Top of Extracted records
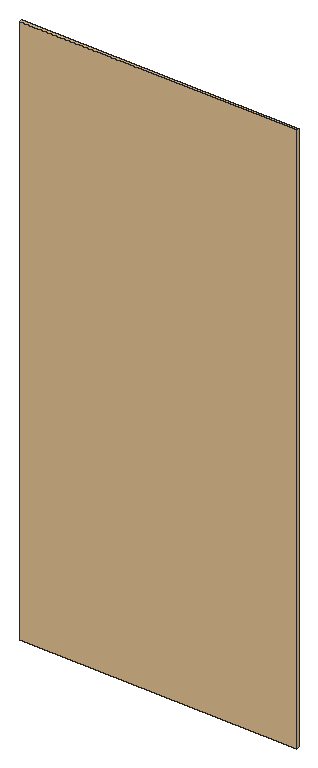
Revit family "Feature Blackbutt Veneer Circles", category Generic Models, Revit 2017
Family settings
  Can host rebar = No
  Round Connector Dimension = Use Diameter
  Part Type = Normal
  Work Plane-Based = No
  Always vertical = Yes
  Cut with Voids When Loaded = No
  Shared = Yes
  Room Calculation Point = No
Parameters (values of type "2400 x 1200")
  Raw Finish Code = "EX24 FB-CIR"  # constant formula
  Material = none
  URL = "https://www.easycraft.com.au/products/253/expression-series"
  Panel_width = 1200 mm  # constant formula
  Panel_thickness = 10 mm  # constant formula
  Model = "Expression Series - Circles"  # constant formula
  Manufacturer = "Easycraft Australia Pty Ltd ph 07 3906 7200"  # constant formula
  Panel_height = 2400 mm  # constant formula
  Description = "Feature Blackbutt Veneer"  # constant formula
  Clear Finish Code = "EX24 FB-CIR-CF"  # constant formula
  Assembly Code = ""
Reference planes
  plane 1 "Center (Front/Back)": y = 0
  plane 2: z = 0
  plane 3 "Center (Left/Right)": x = 0
  plane 4 "Panel face": y = -10
  plane 5: z = 2400
Forms (mm)
  Extrusion 1, solid, material "Feature Blackbutt Veneer"
    sketch origin (0, 0, 0) x (1, 0, 0) y (0, 1, 0)
      loop
        line (0, 0) -> (0, -10) -> (1200, -10) -> (1200, 0) -> (0, 0)
    from 0 to 2400
Lines and regions (mm)
  model lines, style "easycraft expressions pattern"
    curve 1: circle (341.97, -10, 1294.19) r 253.912 normal (0, -1, 0)
    curve 2: circle (680.52, -10, 1648.34) r 221.288 normal (0, -1, 0)
    curve 3: circle (598.12, -10, 430.57) r 213.856 normal (0, -1, 0)
    curve 4: circle (925.01, -10, 1322.83) r 180.794 normal (0, -1, 0)
    curve 5: circle (816.13, -10, 840.4) r 176.893 normal (0, -1, 0)
    curve 6: circle (493.43, -10, 903.62) r 139.799 normal (0, -1, 0)
    curve 7: circle (1010.29, -10, 1826.35) r 139.799 normal (0, -1, 0)
    curve 8: circle (351.75, -10, 1946.22) r 139.799 normal (0, -1, 0)
    curve 9: circle (878.16, -10, 2203.52) r 139.799 normal (0, -1, 0)
    curve 10: circle (344.44, -10, 680.58) r 122.332 normal (0, -1, 0)
    curve 11: arc (796.047, -10, 2400) -> (889.1, -10, 2352.883) -> (982.153, -10, 2400) r 115.447
    curve 12: circle (936.95, -10, 432.06) r 111.864 normal (0, -1, 0)
    curve 13: circle (887.69, -10, 142.73) r 111.669 normal (0, -1, 0)
    curve 14: circle (263.65, -10, 438.99) r 106.653 normal (0, -1, 0)
    curve 15: arc (989.924, -10, 2400) -> (1083.75, -10, 2253.832) -> (1177.576, -10, 2400) r 103.198
    curve 16: circle (1096.1, -10, 2071.56) r 102.885 normal (0, -1, 0)
    curve 17: circle (101.53, -10, 2072.49) r 100.994 normal (0, -1, 0)
    curve 18: circle (350.01, -10, 1684.04) r 100.406 normal (0, -1, 0)
    curve 19: circle (682, -10, 1156.88) r 99.335 normal (0, -1, 0)
    curve 20: circle (249.86, -10, 927.87) r 97.717 normal (0, -1, 0)
    curve 21: circle (809.48, -10, 1960.75) r 87.661 normal (0, -1, 0)
    curve 22: circle (192.19, -10, 2313.52) r 83.468 normal (0, -1, 0)
    curve 23: circle (165.49, -10, 1669.12) r 76.396 normal (0, -1, 0)
    curve 24: circle (989.71, -10, 1031.58) r 71.905 normal (0, -1, 0)
    curve 25: circle (566.08, -10, 2009.8) r 70 normal (0, -1, 0)
    curve 26: circle (990.65, -10, 1577.16) r 69.938 normal (0, -1, 0)
    curve 27: circle (922.46, -10, 615.56) r 66.095 normal (0, -1, 0)
    curve 28: circle (1131.4, -10, 1006.89) r 64.735 normal (0, -1, 0)
    curve 29: circle (256.55, -10, 2146.13) r 61.797 normal (0, -1, 0)
    curve 30: circle (81.46, -10, 1003.36) r 61.666 normal (0, -1, 0)
    curve 31: circle (846.72, -10, 1086.64) r 59.98 normal (0, -1, 0)
    curve 32: circle (528.55, -10, 700.87) r 57.589 normal (0, -1, 0)
    curve 33: circle (707.76, -10, 2082.45) r 57.037 normal (0, -1, 0)
    curve 34: circle (681.91, -10, 160.71) r 52.796 normal (0, -1, 0)
    curve 35: circle (649.49, -10, 1367.19) r 50.736 normal (0, -1, 0)
    curve 36: circle (170.87, -10, 1868.27) r 50.557 normal (0, -1, 0)
    curve 37: circle (942.7, -10, 2015.33) r 49.881 normal (0, -1, 0)
    curve 38: circle (1058.04, -10, 200.43) r 47.277 normal (0, -1, 0)
    curve 39: circle (801.05, -10, 608.12) r 47.345 normal (0, -1, 0)
    curve 40: circle (194.24, -10, 292.7) r 46.093 normal (0, -1, 0)
    curve 41: circle (1074.45, -10, 1127.66) r 44.218 normal (0, -1, 0)
    curve 42: circle (636.89, -10, 690.35) r 44.11 normal (0, -1, 0)
    curve 43: circle (1152.37, -10, 1338.25) r 43.672 normal (0, -1, 0)
    curve 44: circle (240.93, -10, 1788.65) r 43.409 normal (0, -1, 0)
    curve 45: circle (838.13, -10, 300.34) r 41.86 normal (0, -1, 0)
    curve 46: circle (289.01, -10, 277.66) r 41.503 normal (0, -1, 0)
    curve 47: circle (671.43, -10, 1920.79) r 40.827 normal (0, -1, 0)
    curve 48: circle (47.21, -10, 1340.92) r 40.678 normal (0, -1, 0)
    curve 49: circle (196.57, -10, 141.2) r 39.226 normal (0, -1, 0)
    curve 50: circle (183.16, -10, 1542.83) r 38.603 normal (0, -1, 0)
    curve 51: circle (1143.55, -10, 1251.81) r 37.994 normal (0, -1, 0)
    curve 52: circle (364.41, -10, 320.16) r 37.7 normal (0, -1, 0)
    curve 53: circle (452.54, -10, 1793.72) r 37.689 normal (0, -1, 0)
    curve 54: circle (115.57, -10, 1102.8) r 37.174 normal (0, -1, 0)
    curve 55: circle (554.74, -10, 1083.91) r 36.965 normal (0, -1, 0)
    curve 56: circle (1037.12, -10, 926.81) r 36.732 normal (0, -1, 0)
    curve 57: circle (175.09, -10, 1049.81) r 36.307 normal (0, -1, 0)
    curve 58: circle (601.71, -10, 97.02) r 36.004 normal (0, -1, 0)
    curve 59: circle (615.13, -10, 1034.86) r 35.908 normal (0, -1, 0)
    curve 60: circle (40.22, -10, 1257.65) r 35.819 normal (0, -1, 0)
    curve 61: circle (522.4, -10, 1868.69) r 35.685 normal (0, -1, 0)
    curve 62: circle (1076.61, -10, 490.46) r 34.764 normal (0, -1, 0)
    curve 63: circle (126.05, -10, 490.9) r 34.662 normal (0, -1, 0)
    curve 64: circle (233.97, -10, 217.58) r 34.616 normal (0, -1, 0)
    curve 65: circle (218.87, -10, 577.75) r 33.836 normal (0, -1, 0)
    curve 66: circle (590.08, -10, 178.51) r 33.701 normal (0, -1, 0)
    curve 67: circle (689.19, -10, 1018.57) r 32.888 normal (0, -1, 0)
    curve 68: circle (105.86, -10, 1931.78) r 32.488 normal (0, -1, 0)
    curve 69: circle (1079.74, -10, 1653.73) r 31.811 normal (0, -1, 0)
    curve 70: circle (680.25, -10, 49.58) r 31.005 normal (0, -1, 0)
    curve 71: circle (247.38, -10, 1593.37) r 30.93 normal (0, -1, 0)
    curve 72: circle (593.33, -10, 1900.81) r 30.882 normal (0, -1, 0)
    curve 73: circle (165.88, -10, 2195.27) r 30.9 normal (0, -1, 0)
    curve 74: circle (610.16, -10, 767.59) r 30.366 normal (0, -1, 0)
    curve 75: circle (97.11, -10, 1824.77) r 30.288 normal (0, -1, 0)
    curve 76: circle (632.54, -10, 1283.12) r 29.964 normal (0, -1, 0)
    curve 77: circle (707.25, -10, 1292.63) r 29.496 normal (0, -1, 0)
    curve 78: circle (110.95, -10, 1763.52) r 28.123 normal (0, -1, 0)
    curve 79: circle (169.87, -10, 1954.96) r 27.825 normal (0, -1, 0)
    curve 80: circle (722.37, -10, 650.25) r 27.497 normal (0, -1, 0)
    curve 81: circle (102.55, -10, 2223.83) r 27.525 normal (0, -1, 0)
    curve 82: circle (983.15, -10, 288.05) r 27.357 normal (0, -1, 0)
    curve 83: circle (134.37, -10, 228.39) r 27.317 normal (0, -1, 0)
    curve 84: circle (761.84, -10, 1047.63) r 27.161 normal (0, -1, 0)
    curve 85: circle (1146.81, -10, 467.64) r 26.734 normal (0, -1, 0)
    curve 86: circle (436.85, -10, 1569.01) r 26.706 normal (0, -1, 0)
    curve 87: circle (356.12, -10, 1008.63) r 26.326 normal (0, -1, 0)
    curve 88: circle (750.61, -10, 79.43) r 26.195 normal (0, -1, 0)
    curve 89: circle (245.78, -10, 799.65) r 25.192 normal (0, -1, 0)
    curve 90: circle (921.8, -10, 284.91) r 25.088 normal (0, -1, 0)
    curve 91: circle (373.02, -10, 529.53) r 24.727 normal (0, -1, 0)
    curve 92: circle (171.13, -10, 535.65) r 24.446 normal (0, -1, 0)
    curve 93: circle (765.75, -10, 251.44) r 24.193 normal (0, -1, 0)
    curve 94: circle (986.18, -10, 30.69) r 23.972 normal (0, -1, 0)
    curve 95: circle (1102.01, -10, 1199.93) r 24.015 normal (0, -1, 0)
    curve 96: circle (939.89, -10, 1666.89) r 23.925 normal (0, -1, 0)
    curve 97: circle (848.74, -10, 546.8) r 23.193 normal (0, -1, 0)
    curve 98: circle (61.97, -10, 1675.2) r 23.073 normal (0, -1, 0)
    curve 99: circle (725.53, -10, 1395.94) r 22.944 normal (0, -1, 0)
    curve 100: circle (793.28, -10, 28.85) r 22.819 normal (0, -1, 0)
    curve 101: circle (1080.9, -10, 422.27) r 22.756 normal (0, -1, 0)
    curve 102: circle (81.86, -10, 2276.28) r 22.557 normal (0, -1, 0)
    curve 103: arc (751.006, -10, 2400) -> (770.61, -10, 2366.357) -> (790.214, -10, 2400) r 22.533
    curve 104: circle (29.68, -10, 471.39) r 22.365 normal (0, -1, 0)
    curve 105: circle (215.12, -10, 62.74) r 22.164 normal (0, -1, 0)
    curve 106: circle (164.83, -10, 1786.13) r 22.222 normal (0, -1, 0)
    curve 107: circle (1043.46, -10, 320.07) r 21.826 normal (0, -1, 0)
    curve 108: circle (338.48, -10, 835.37) r 21.331 normal (0, -1, 0)
    curve 109: circle (298.54, -10, 1568.95) r 20.463 normal (0, -1, 0)
    curve 110: circle (225.97, -10, 2056.57) r 20.513 normal (0, -1, 0)
    curve 111: circle (87.61, -10, 187.13) r 20.439 normal (0, -1, 0)
    curve 112: circle (805.89, -10, 2352.43) r 20.185 normal (0, -1, 0)
    curve 113: circle (593.79, -10, 1416.95) r 20.047 normal (0, -1, 0)
    curve 114: circle (673.25, -10, 1991.63) r 20 normal (0, -1, 0)
    curve 115: circle (342.67, -10, 2116.96) r 20 normal (0, -1, 0)
    curve 116: circle (758.62, -10, 2336.74) r 20 normal (0, -1, 0)
    curve 117: circle (150.09, -10, 354.56) r 19.585 normal (0, -1, 0)
    curve 118: circle (1059.72, -10, 369.37) r 19.336 normal (0, -1, 0)
    curve 119: circle (1028.66, -10, 119.21) r 19.213 normal (0, -1, 0)
    curve 120: circle (89.08, -10, 443.69) r 19.17 normal (0, -1, 0)
    curve 121: circle (720.77, -10, 1348.26) r 19.07 normal (0, -1, 0)
    curve 122: circle (87.46, -10, 1879.3) r 18.572 normal (0, -1, 0)
    curve 123: circle (80.13, -10, 1720.25) r 18.333 normal (0, -1, 0)
    curve 124: circle (48.03, -10, 1748.84) r 18.021 normal (0, -1, 0)
    curve 125: circle (136.02, -10, 164.58) r 17.393 normal (0, -1, 0)
    curve 126: circle (51.8, -10, 1851.62) r 16.801 normal (0, -1, 0)
    curve 127: circle (295.86, -10, 815.33) r 16.091 normal (0, -1, 0)
    curve 128: circle (233.42, -10, 1044.51) r 16.01 normal (0, -1, 0)
    curve 129: circle (66.07, -10, 1784.49) r 16 normal (0, -1, 0)
    curve 130: circle (135.25, -10, 403.53) r 15.74 normal (0, -1, 0)
    curve 131: circle (97.43, -10, 1165.22) r 15.435 normal (0, -1, 0)
    curve 132: circle (80.01, -10, 1206.6) r 15.148 normal (0, -1, 0)
    curve 133: circle (391.55, -10, 1567.4) r 14.756 normal (0, -1, 0)
    curve 134: circle (758.15, -10, 198.55) r 14.706 normal (0, -1, 0)
    curve 135: circle (735.84, -10, 2369.22) r 14.414 normal (0, -1, 0)
    curve 136: circle (721.42, -10, 229.16) r 14.188 normal (0, -1, 0)
    curve 137: circle (348.15, -10, 1567.01) r 13.383 normal (0, -1, 0)
    curve 138: circle (243.16, -10, 1545.09) r 13.069 normal (0, -1, 0)
    curve 139: arc (714.614, -10, 2400) -> (727.47, -10, 2385.779) -> (740.326, -10, 2400) r 12.921
    curve 140: circle (71.94, -10, 491.58) r 12.291 normal (0, -1, 0)
    curve 141: circle (506.98, -10, 1816.1) r 11.632 normal (0, -1, 0)
    curve 142: circle (473.42, -10, 1847.89) r 11.632 normal (0, -1, 0)
    curve 143: circle (524.31, -10, 1926.24) r 11.632 normal (0, -1, 0)
    curve 144: circle (479.19, -10, 2061.09) r 11.632 normal (0, -1, 0)
    curve 145: circle (138.22, -10, 1809.66) r 9.732 normal (0, -1, 0)
    curve 146: circle (143.48, -10, 1581.54) r 9.25 normal (0, -1, 0)
    curve 147: circle (269.94, -10, 1551.86) r 8.764 normal (0, -1, 0)
    curve 148: circle (53.24, -10, 1714.66) r 6.889 normal (0, -1, 0)
    curve 149: circle (204.45, -10, 1589.28) r 6.78 normal (0, -1, 0)
    curve 150: circle (57.26, -10, 1818.47) r 5.46 normal (0, -1, 0)
    curve 151: arc (1200, -10, 177.875) -> (1074.224, -10, 125.776) -> (1022.125, -10, 0) r 177.875
    curve 152: arc (0, -10, 194.643) -> (124.247, -10, 318.89) -> (0, -10, 443.137) r 124.247
    curve 153: arc (1200, -10, 443.137) -> (1075.753, -10, 318.89) -> (1200, -10, 194.643) r 124.247
    curve 154: arc (177.875, -10, 0) -> (125.776, -10, 125.776) -> (0, -10, 177.875) r 177.875
    curve 155: arc (263.787, -10, -1.44) -> (233.67, -10, 30.841) -> (202.08, -10, 0) r 30.87
    curve 156: arc (686.416, -10, 0) -> (608.57, -10, 32.515) -> (530.724, -10, 0) r 109.445
    curve 157: arc (524.109, -10, 0) -> (400.61, -10, 263.387) -> (277.111, -10, 0) r 160.647
    curve 158: arc (0, -10, 1067.132) -> (78.198, -10, 1145.33) -> (0, -10, 1223.528) r 78.198
    curve 159: arc (1200, -10, 1223.528) -> (1121.802, -10, 1145.33) -> (1200, -10, 1067.132) r 78.198
    curve 160: arc (0, -10, 1662.385) -> (43.485, -10, 1705.87) -> (0, -10, 1749.355) r 43.485
    curve 161: arc (1200, -10, 1749.355) -> (1156.515, -10, 1705.87) -> (1200, -10, 1662.385) r 43.485
    curve 162: arc (0, -10, 1751.946) -> (49.174, -10, 1801.12) -> (0, -10, 1850.294) r 49.174
    curve 163: arc (1200, -10, 1850.294) -> (1150.826, -10, 1801.12) -> (1200, -10, 1751.946) r 49.174
    curve 164: arc (0, -10, 1855.718) -> (69.262, -10, 1924.98) -> (0, -10, 1994.242) r 69.262
    curve 165: arc (1200, -10, 1994.242) -> (1130.738, -10, 1924.98) -> (1200, -10, 1855.718) r 69.262
    curve 166: arc (0, -10, 2154.469) -> (65.531, -10, 2220) -> (0, -10, 2285.531) r 65.531
    curve 167: arc (1200, -10, 2285.531) -> (1134.469, -10, 2220) -> (1200, -10, 2154.469) r 65.531
    curve 168: arc (0, -10, 498.712) -> (221.288, -10, 720) -> (0, -10, 941.288) r 221.288
    curve 169: arc (1200, -10, 941.288) -> (978.712, -10, 720) -> (1200, -10, 498.712) r 221.288
    curve 170: arc (0, -10, 1380.201) -> (139.799, -10, 1520) -> (0, -10, 1659.799) r 139.799
    curve 171: arc (1200, -10, 1659.799) -> (1060.201, -10, 1520) -> (1200, -10, 1380.201) r 139.799
    curve 172: arc (302.394, -10, 2400) -> (504.33, -10, 2088.212) -> (706.266, -10, 2400) r 221.288
    curve 173: arc (248.108, -10, 2400) -> (271.55, -10, 2380.63) -> (294.992, -10, 2400) r 23.87
    curve 174: arc (17.861, -10, 2400) -> (56.23, -10, 2305.003) -> (94.599, -10, 2400) r 55.247
Dimensions and locks
  "Panel_height": plane 5 to plane 2
  "Panel_thickness": plane 4 "Panel face" to plane 1 "Center (Front/Back)"
  "Panel_width": Extrusion 1 to plane 3 "Center (Left/Right)"
  aligned and locked: level to plane 2
  aligned and locked: Extrusion 1 to level
  aligned and locked: plane 4 "Panel face" to Extrusion 1
  aligned and locked: Extrusion 1 to plane 5
Automatic sketch dimensions
  Extrusion 1 sketch curve to plane 3 "Center (Left/Right)" = 0 mm
  plane 4 "Panel face" to Extrusion 1 sketch curve = 0 mm
  plane 1 "Center (Front/Back)" to Extrusion 1 sketch curve = 0 mm
  Extrusion 1 sketch curve to Extrusion 1 sketch curve = 1200 mm
  curve 158 to plane 3 "Center (Left/Right)" = 0 mm
  curve 160 to plane 3 "Center (Left/Right)" = 0 mm
  curve 170 to plane 3 "Center (Left/Right)" = 0 mm
  curve 168 to plane 3 "Center (Left/Right)" = 0 mm
  curve 166 to plane 3 "Center (Left/Right)" = 0 mm
  curve 152 to plane 3 "Center (Left/Right)" = 0 mm
  curve 164 to plane 3 "Center (Left/Right)" = 0 mm
  curve 162 to plane 3 "Center (Left/Right)" = 0 mm
  curve 154 to level = 0 mm
  curve 154 to plane 3 "Center (Left/Right)" = 0 mm
  curve 155 to level = 0 mm
  curve 157 to level = 0 mm  (x2)
  curve 156 to level = 0 mm  (x2)
  curve 151 to level = 0 mm
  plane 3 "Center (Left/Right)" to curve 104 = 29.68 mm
Bottom of Extracted records
▶ **What you need to do**:
When you reach the line containing "curve 102: circle" in the data above, start copying exactly, and stop after the line containing "curve 105: circle".

▶ **Your response**:
    curve 102: circle (81.86, -10, 2276.28) r 22.557 normal (0, -1, 0)
    curve 103: arc (751.006, -10, 2400) -> (770.61, -10, 2366.357) -> (790.214, -10, 2400) r 22.533
    curve 104: circle (29.68, -10, 471.39) r 22.365 normal (0, -1, 0)
    curve 105: circle (215.12, -10, 62.74) r 22.164 normal (0, -1, 0)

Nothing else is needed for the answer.